─── Source records

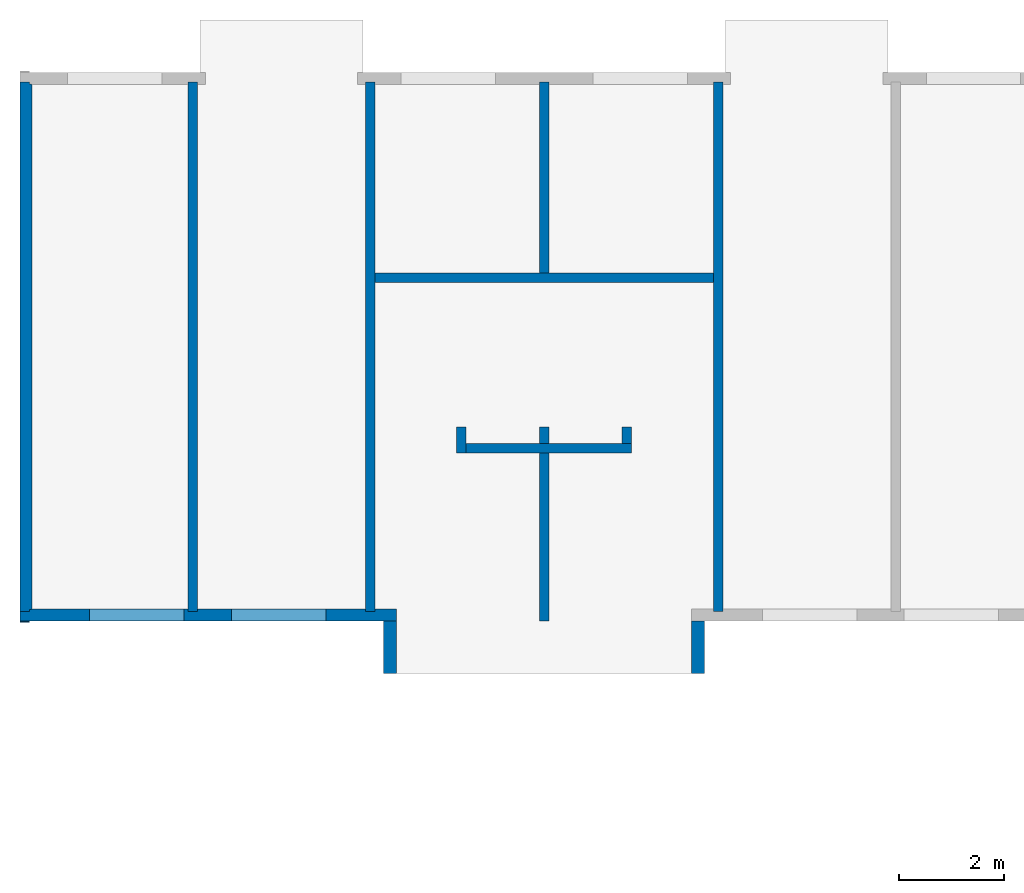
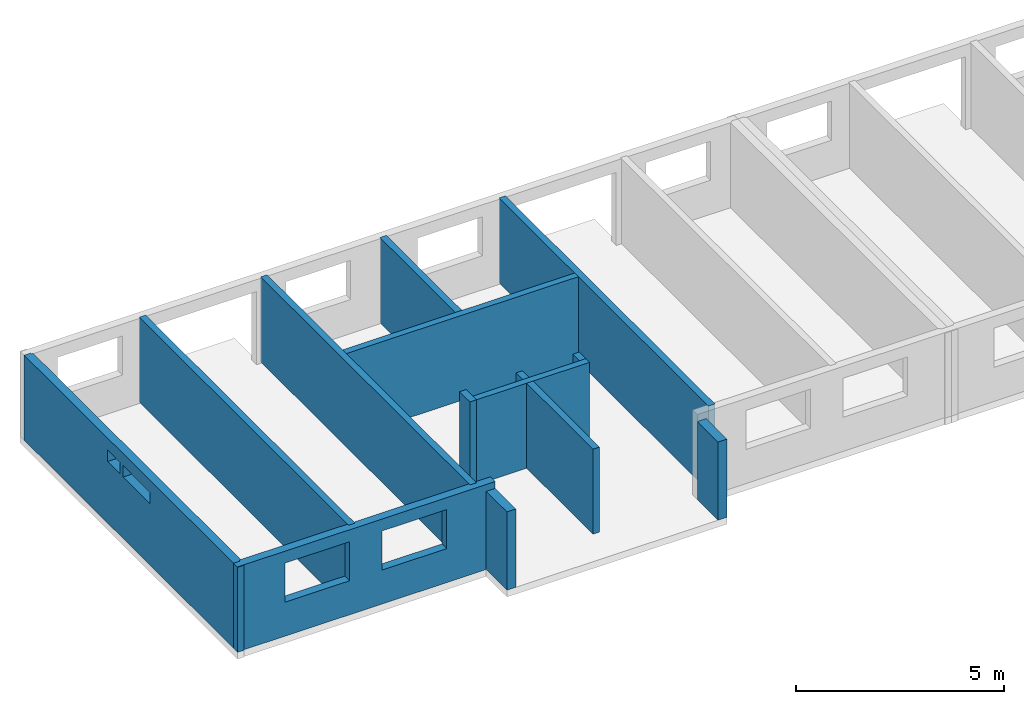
# One storey, part 2 of 9: 15 walls, 4 openings.
"""IFC2X3 building model written with IfcOpenShell, lengths in millimetres."""

from ifc_helpers import new_model, entity, si_unit, converted_unit, frame, frame_2d, origin, origin_with_axes, place, context, subcontext, project, spatial, polyline, rectangle, outline, extrude, material, layer, layer_set, layer_usage, element, save


model = new_model("IFC2X3")

# Units and contexts
model_context = context("Model", 3, precision=1e-05, world=origin())
plan_context = context("Plan", 3, precision=1e-05, world=origin())
body_context = subcontext(model_context, "Body", "Model", "MODEL_VIEW")
ifc_project = project(units=[si_unit("LENGTHUNIT", "METRE", prefix="MILLI"), converted_unit("PLANEANGLEUNIT", "DEGREE", entity("IfcPlaneAngleMeasure", 0.0174532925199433), si_unit("PLANEANGLEUNIT", "RADIAN"), dimensions=[0, 0, 0, 0, 0, 0, 0]), si_unit("AREAUNIT", "SQUARE_METRE"), si_unit("VOLUMEUNIT", "CUBIC_METRE")], contexts=[model_context, plan_context])

# Building, storey
building_placement = place(None, origin())
building = spatial("IfcBuilding", under=ifc_project, at=building_placement, Name="Bâtiment", CompositionType="ELEMENT")
storey_placement = place(building_placement, origin_with_axes())
storey = spatial("IfcBuildingStorey", under=building, at=storey_placement, Name="rdc", CompositionType="ELEMENT", Elevation=0.0)

# Walls
ifc_material_1 = material(Name="moellons")
ifc_layer_1 = layer(ifc_material_1, 20.0775509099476)
ifc_layer_set_1 = layer_set([ifc_layer_1])
ifc_layer_usage_1 = layer_usage(ifc_layer_set_1, "AXIS2", "POSITIVE", 0.0)
wall_1_placement = place(storey_placement, frame((-5.557612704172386e-12, 20.0775509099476, 0.0), z_axis=(0.0, 0.0, 1.0), x_axis=(1.0, -1.836970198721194e-16, 0.0)))
element("IfcWallStandardCase", 1, at=wall_1_placement, inside=storey, material=ifc_layer_usage_1, context=body_context, shape_type="SweptSolid", body=[
    extrude(rectangle(XDim=180.0, YDim=20.0775509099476, at=frame_2d((90.0, 10.0387754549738), x_axis=(1.0, 0.0))), frame((0.0, -20.0775509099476, 0.0), z_axis=(0.0, 0.0, 1.0), x_axis=(1.0, 0.0, 0.0)), (0.0, 0.0, 1.0), 2500.0),
])
ifc_material_2 = material(Name="moellons")
ifc_layer_2 = layer(ifc_material_2, 180.0)
ifc_layer_set_2 = layer_set([ifc_layer_2])
ifc_layer_usage_2 = layer_usage(ifc_layer_set_2, "AXIS2", "POSITIVE", 0.0)
wall_2_placement = place(storey_placement, frame((3380.0, 200.0775509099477, 0.0), z_axis=(0.0, 0.0, 1.0), x_axis=(4.506911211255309e-17, 1.0, 0.0)))
element("IfcWallStandardCase", 2, at=wall_2_placement, inside=storey, material=ifc_layer_usage_2, context=body_context, shape_type="SweptSolid", body=[
    extrude(rectangle(XDim=10090.00021457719, YDim=180.0, at=frame_2d((5045.000107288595, 90.0), x_axis=(1.0, 0.0))), origin_with_axes(), (0.0, 0.0, 1.0), 2500.0),
])
ifc_material_3 = material(Name="moellons")
ifc_layer_3 = layer(ifc_material_3, 180.0)
ifc_layer_set_3 = layer_set([ifc_layer_3])
ifc_layer_usage_3 = layer_usage(ifc_layer_set_3, "AXIS2", "POSITIVE", 0.0)
wall_3_placement = place(storey_placement, frame((6759.999999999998, 200.0775509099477, 0.0), z_axis=(0.0, 0.0, 1.0), x_axis=(0.0, 1.0, 0.0)))
element("IfcWallStandardCase", 3, at=wall_3_placement, inside=storey, material=ifc_layer_usage_3, context=body_context, shape_type="SweptSolid", body=[
    extrude(rectangle(XDim=10090.00021457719, YDim=180.0, at=frame_2d((5045.000107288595, 90.0), x_axis=(1.0, 0.0))), origin_with_axes(), (0.0, 0.0, 1.0), 2500.0),
])
ifc_material_4 = material(Name="moellons")
ifc_layer_4 = layer(ifc_material_4, 180.0)
ifc_layer_set_4 = layer_set([ifc_layer_4])
ifc_layer_usage_4 = layer_usage(ifc_layer_set_4, "AXIS2", "POSITIVE", 0.0)
wall_4_placement = place(storey_placement, frame((13389.99993810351, 200.0775509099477, 0.0), z_axis=(0.0, 0.0, 1.0), x_axis=(0.0, 1.0, 0.0)))
element("IfcWallStandardCase", 4, at=wall_4_placement, inside=storey, material=ifc_layer_usage_4, context=body_context, shape_type="SweptSolid", body=[
    extrude(rectangle(XDim=10090.00021457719, YDim=180.0, at=frame_2d((5045.000107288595, 90.0), x_axis=(1.0, 0.0))), origin_with_axes(), (0.0, 0.0, 1.0), 2500.0),
])
ifc_material_5 = material(Name="moellons")
ifc_layer_5 = layer(ifc_material_5, 180.0)
ifc_layer_set_5 = layer_set([ifc_layer_5])
ifc_layer_usage_5 = layer_usage(ifc_layer_set_5, "AXIS2", "POSITIVE", 0.0)
wall_5_placement = place(storey_placement, frame((10075.0, 20.03821782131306, 0.0), z_axis=(0.0, 0.0, 1.0), x_axis=(0.0, 1.0, 0.0)))
element("IfcWallStandardCase", 5, at=wall_5_placement, inside=storey, material=ifc_layer_usage_5, context=body_context, shape_type="SweptSolid", body=[
    extrude(outline(polyline([(0.0, 0.0), (3200.039547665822, 0.0), (3200.039547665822, 180.0), (0.0007169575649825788, 180.0), (0.0, 0.0)])), origin_with_axes(), (0.0, 0.0, 1.0), 2500.0),
])
ifc_material_6 = material(Name="moellons")
ifc_layer_6 = layer(ifc_material_6, 180.0)
ifc_layer_set_6 = layer_set([ifc_layer_6])
ifc_layer_usage_6 = layer_usage(ifc_layer_set_6, "AXIS2", "POSITIVE", 0.0)
wall_6_placement = place(storey_placement, frame((10075.0, 20.03821782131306, 0.0), z_axis=(0.0, 0.0, 1.0), x_axis=(0.0, 1.0, 0.0)))
element("IfcWallStandardCase", 6, at=wall_6_placement, inside=storey, material=ifc_layer_usage_6, context=body_context, shape_type="SweptSolid", body=[
    extrude(outline(polyline([(3380.039547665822, 0.0), (3700.039547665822, 0.0), (3700.039547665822, 180.0), (3380.039547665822, 180.0), (3380.039547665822, 0.0)])), origin_with_axes(), (0.0, 0.0, 1.0), 2500.0),
])
ifc_material_7 = material(Name="moellons")
ifc_layer_7 = layer(ifc_material_7, 180.0)
ifc_layer_set_7 = layer_set([ifc_layer_7])
ifc_layer_usage_7 = layer_usage(ifc_layer_set_7, "AXIS2", "POSITIVE", 0.0)
wall_7_placement = place(storey_placement, frame((10075.0, 6650.077765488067, 0.0), z_axis=(0.0, 0.0, 1.0), x_axis=(0.0, 1.0, 0.0)))
element("IfcWallStandardCase", 7, at=wall_7_placement, inside=storey, material=ifc_layer_usage_7, context=body_context, shape_type="SweptSolid", body=[
    extrude(rectangle(XDim=3639.999999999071, YDim=180.0, at=frame_2d((1819.999999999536, 90.0), x_axis=(1.0, 0.0))), origin_with_axes(), (0.0, 0.0, 1.0), 2500.0),
])
ifc_material_8 = material(Name="moellons")
ifc_layer_8 = layer(ifc_material_8, 180.0)
ifc_layer_set_8 = layer_set([ifc_layer_8])
ifc_layer_usage_8 = layer_usage(ifc_layer_set_8, "AXIS2", "POSITIVE", 0.0)
wall_8_placement = place(storey_placement, frame((13209.99947974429, 6650.077765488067, 0.0), z_axis=(0.0, 0.0, 1.0), x_axis=(-1.0, 0.0, 0.0)))
element("IfcWallStandardCase", 8, at=wall_8_placement, inside=storey, material=ifc_layer_usage_8, context=body_context, shape_type="SweptSolid", body=[
    extrude(rectangle(XDim=6449.999479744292, YDim=180.0, at=frame_2d((3224.999739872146, 90.0), x_axis=(1.0, 0.0))), origin_with_axes(), (0.0, 0.0, 1.0), 2500.0),
])
ifc_material_9 = material(Name="moellons")
ifc_layer_9 = layer(ifc_material_9, 180.0)
ifc_layer_set_9 = layer_set([ifc_layer_9])
ifc_layer_usage_9 = layer_usage(ifc_layer_set_9, "AXIS2", "POSITIVE", 0.0)
wall_9_placement = place(storey_placement, frame((8499.999453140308, 3220.077765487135, 0.0), z_axis=(0.0, 0.0, 1.0), x_axis=(0.0, 1.0, 0.0)))
element("IfcWallStandardCase", 9, at=wall_9_placement, inside=storey, material=ifc_layer_usage_9, context=body_context, shape_type="SweptSolid", body=[
    extrude(rectangle(XDim=500.0, YDim=180.0, at=frame_2d((250.0, 90.0), x_axis=(1.0, 0.0))), origin_with_axes(), (0.0, 0.0, 1.0), 2500.0),
])
ifc_material_10 = material(Name="moellons")
ifc_layer_10 = layer(ifc_material_10, 180.0)
ifc_layer_set_10 = layer_set([ifc_layer_10])
ifc_layer_usage_10 = layer_usage(ifc_layer_set_10, "AXIS2", "POSITIVE", 0.0)
wall_10_placement = place(storey_placement, frame((11649.99945314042, 3400.077765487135, 0.0), z_axis=(0.0, 0.0, 1.0), x_axis=(-1.0, 0.0, 0.0)))
element("IfcWallStandardCase", 10, at=wall_10_placement, inside=storey, material=ifc_layer_usage_10, context=body_context, shape_type="SweptSolid", body=[
    extrude(rectangle(XDim=3150.000000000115, YDim=180.0, at=frame_2d((1575.000000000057, 90.0), x_axis=(1.0, 0.0))), origin_with_axes(), (0.0, 0.0, 1.0), 2500.0),
])
ifc_material_11 = material(Name="moellons")
ifc_layer_11 = layer(ifc_material_11, 180.0)
ifc_layer_set_11 = layer_set([ifc_layer_11])
ifc_layer_usage_11 = layer_usage(ifc_layer_set_11, "AXIS2", "POSITIVE", 0.0)
wall_11_placement = place(storey_placement, frame((11469.99945314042, 3720.077765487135, 0.0), z_axis=(0.0, 0.0, 1.0), x_axis=(0.0, -1.0, 0.0)))
element("IfcWallStandardCase", 11, at=wall_11_placement, inside=storey, material=ifc_layer_usage_11, context=body_context, shape_type="SweptSolid", body=[
    extrude(rectangle(XDim=320.0, YDim=180.0, at=frame_2d((160.0, 90.0), x_axis=(1.0, 0.0))), origin_with_axes(), (0.0, 0.0, 1.0), 2500.0),
])

# Wall, openings
ifc_material_12 = material(Name="moellons")
ifc_layer_12 = layer(ifc_material_12, 180.0000000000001)
ifc_material_13 = material(Name="briquettes")
ifc_layer_13 = layer(ifc_material_13, 40.0)
ifc_material_14 = material(Name="enduit platre")
ifc_layer_14 = layer(ifc_material_14, 10.0)
ifc_layer_set_12 = layer_set([ifc_layer_12, ifc_layer_13, ifc_layer_14])
ifc_layer_usage_12 = layer_usage(ifc_layer_set_12, "AXIS2", "POSITIVE", 0.0)
wall_12_placement = place(storey_placement, frame((-5.557612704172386e-12, 20.0775509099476, 0.0), z_axis=(0.0, 0.0, 1.0), x_axis=(1.0, 0.0, 0.0)))
wall_12 = element("IfcWallStandardCase", 12, at=wall_12_placement, inside=storey, material=ifc_layer_usage_12, context=body_context, shape_type="SweptSolid", body=[
    extrude(outline(polyline([(6760.000000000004, 230.0000000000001), (6760.000000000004, 180.0000000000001), (6580.000000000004, 180.0000000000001), (6580.000000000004, 230.0000000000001), (3380.000000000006, 230.0000000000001), (3380.000000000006, 180.0000000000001), (3200.000000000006, 180.0000000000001), (3200.000000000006, 230.0000000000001), (220.0000000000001, 230.0000000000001), (220.0000000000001, 220.0000000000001), (180.0000000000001, 220.0000000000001), (180.0000000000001, 180.0000000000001), (3.306546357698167e-14, 180.0000000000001), (0.0, 0.0), (7175.000000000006, 0.0), (7175.000000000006, 230.0000000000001), (6760.000000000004, 230.0000000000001)])), origin_with_axes(), (0.0, 0.0, 1.0), 2500.0),
])
opening_1_placement = place(wall_12_placement, frame((1325.000000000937, 0.0, 1000.0), z_axis=(0.0, 1.0, 0.0), x_axis=(0.0, 0.0, 1.0)))
element("IfcOpeningElement", 13, at=opening_1_placement, cuts=wall_12, Name="Baie de fenêtre", ObjectType="Opening", context=body_context, shape_type="SweptSolid", body=[
    extrude(rectangle(XDim=1150.0, YDim=1800.0, at=frame_2d((575.0, 900.0), x_axis=(1.0, 0.0))), origin_with_axes(), (0.0, 0.0, 1.0), 230.0000000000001),
])
opening_2_placement = place(wall_12_placement, frame((4025.00000000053, 0.0, 1000.0), z_axis=(0.0, 1.0, 0.0), x_axis=(0.0, 0.0, 1.0)))
element("IfcOpeningElement", 14, at=opening_2_placement, cuts=wall_12, Name="Baie de fenêtre", ObjectType="Opening", context=body_context, shape_type="SweptSolid", body=[
    extrude(rectangle(XDim=1150.0, YDim=1800.0, at=frame_2d((575.0, 899.9999999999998), x_axis=(1.0, 0.0))), origin_with_axes(), (0.0, 0.0, 1.0), 230.0),
])

ifc_material_15 = material(Name="moellons")
ifc_layer_15 = layer(ifc_material_15, 180.0)
ifc_material_16 = material(Name="briquettes")
ifc_layer_16 = layer(ifc_material_16, 39.99999999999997)
ifc_material_17 = material(Name="enduit platre")
ifc_layer_17 = layer(ifc_material_17, 10.00000000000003)
ifc_layer_set_13 = layer_set([ifc_layer_15, ifc_layer_16, ifc_layer_17])
ifc_layer_usage_13 = layer_usage(ifc_layer_set_13, "AXIS2", "POSITIVE", 0.0)
wall_13_placement = place(storey_placement, frame((-3.671044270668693e-12, 10290.07776548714, 0.0), z_axis=(0.0, 0.0, 1.0), x_axis=(-1.836970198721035e-16, -1.0, 0.0)))
wall_13 = element("IfcWallStandardCase", 15, at=wall_13_placement, inside=storey, material=ifc_layer_usage_13, context=body_context, shape_type="SweptSolid", body=[
    extrude(outline(polyline([(0.0, 0.0), (10090.00021457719, 0.0), (10090.00021457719, 180.0000000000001), (10050.00021457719, 180.0000000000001), (10050.00021457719, 220.0), (10040.00021457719, 220.0), (10040.00021457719, 230.0), (49.99999999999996, 230.0), (49.99999999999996, 220.0), (39.99999999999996, 220.0), (39.99999999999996, 180.0), (-3.306546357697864e-14, 180.0), (0.0, 0.0)])), origin_with_axes(), (0.0, 0.0, 1.0), 2500.0),
])
opening_3_placement = place(wall_13_placement, frame((4020.000000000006, -7.068193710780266e-28, 1810.0), z_axis=(0.0, 1.0, 0.0), x_axis=(0.0, 0.0, 1.0)))
element("IfcOpeningElement", 16, at=opening_3_placement, cuts=wall_13, Name="Baie de fenêtre", ObjectType="Opening", context=body_context, shape_type="SweptSolid", body=[
    extrude(rectangle(XDim=340.0, YDim=600.0, at=frame_2d((170.0, 300.0), x_axis=(1.0, 0.0))), origin_with_axes(), (0.0, 0.0, 1.0), 230.0),
])
opening_4_placement = place(wall_13_placement, frame((4769.999999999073, 1.009741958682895e-28, 1810.0), z_axis=(0.0, 1.0, 0.0), x_axis=(0.0, 0.0, 1.0)))
element("IfcOpeningElement", 17, at=opening_4_placement, cuts=wall_13, Name="Baie de fenêtre", ObjectType="Opening", context=body_context, shape_type="SweptSolid", body=[
    extrude(rectangle(XDim=340.0, YDim=1300.0, at=frame_2d((170.0, 650.0), x_axis=(1.0, 0.0))), origin_with_axes(), (0.0, 0.0, 1.0), 230.0000000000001),
])

# Walls
ifc_material_18 = material(Name="moellons")
ifc_layer_18 = layer(ifc_material_18, 250.0)
ifc_layer_set_14 = layer_set([ifc_layer_18])
ifc_layer_usage_14 = layer_usage(ifc_layer_set_14, "AXIS2", "POSITIVE", 0.0)
wall_14_placement = place(storey_placement, frame((6925.0, 20.0775509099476, 0.0), z_axis=(0.0, 0.0, 1.0), x_axis=(0.0, -1.0, 0.0)))
element("IfcWallStandardCase", 18, at=wall_14_placement, inside=storey, material=ifc_layer_usage_14, context=body_context, shape_type="SweptSolid", body=[
    extrude(rectangle(XDim=999.9997854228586, YDim=250.0, at=frame_2d((499.9998927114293, 125.0), x_axis=(1.0, 0.0))), origin_with_axes(), (0.0, 0.0, 1.0), 2300.000000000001),
])
ifc_material_19 = material(Name="moellons")
ifc_layer_19 = layer(ifc_material_19, 250.0)
ifc_layer_set_15 = layer_set([ifc_layer_19])
ifc_layer_usage_15 = layer_usage(ifc_layer_set_15, "AXIS2", "POSITIVE", 0.0)
wall_15_placement = place(storey_placement, frame((12795.00000000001, 20.16279356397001, 0.0), z_axis=(0.0, 0.0, 1.0), x_axis=(0.0, -1.0, 0.0)))
element("IfcWallStandardCase", 19, at=wall_15_placement, inside=storey, material=ifc_layer_usage_15, context=body_context, shape_type="SweptSolid", body=[
    extrude(rectangle(XDim=999.999785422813, YDim=250.0, at=frame_2d((499.9998927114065, 125.0), x_axis=(1.0, 0.0))), origin_with_axes(), (0.0, 0.0, 1.0), 2300.000000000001),
])

save(model, "model.ifc")

──────

* **Task brief**:
Wherever the string "world" appears in the records above, copy the line it sits in.

* **Result for this task**:
model_context = context("Model", 3, precision=1e-05, world=origin())
plan_context = context("Plan", 3, precision=1e-05, world=origin())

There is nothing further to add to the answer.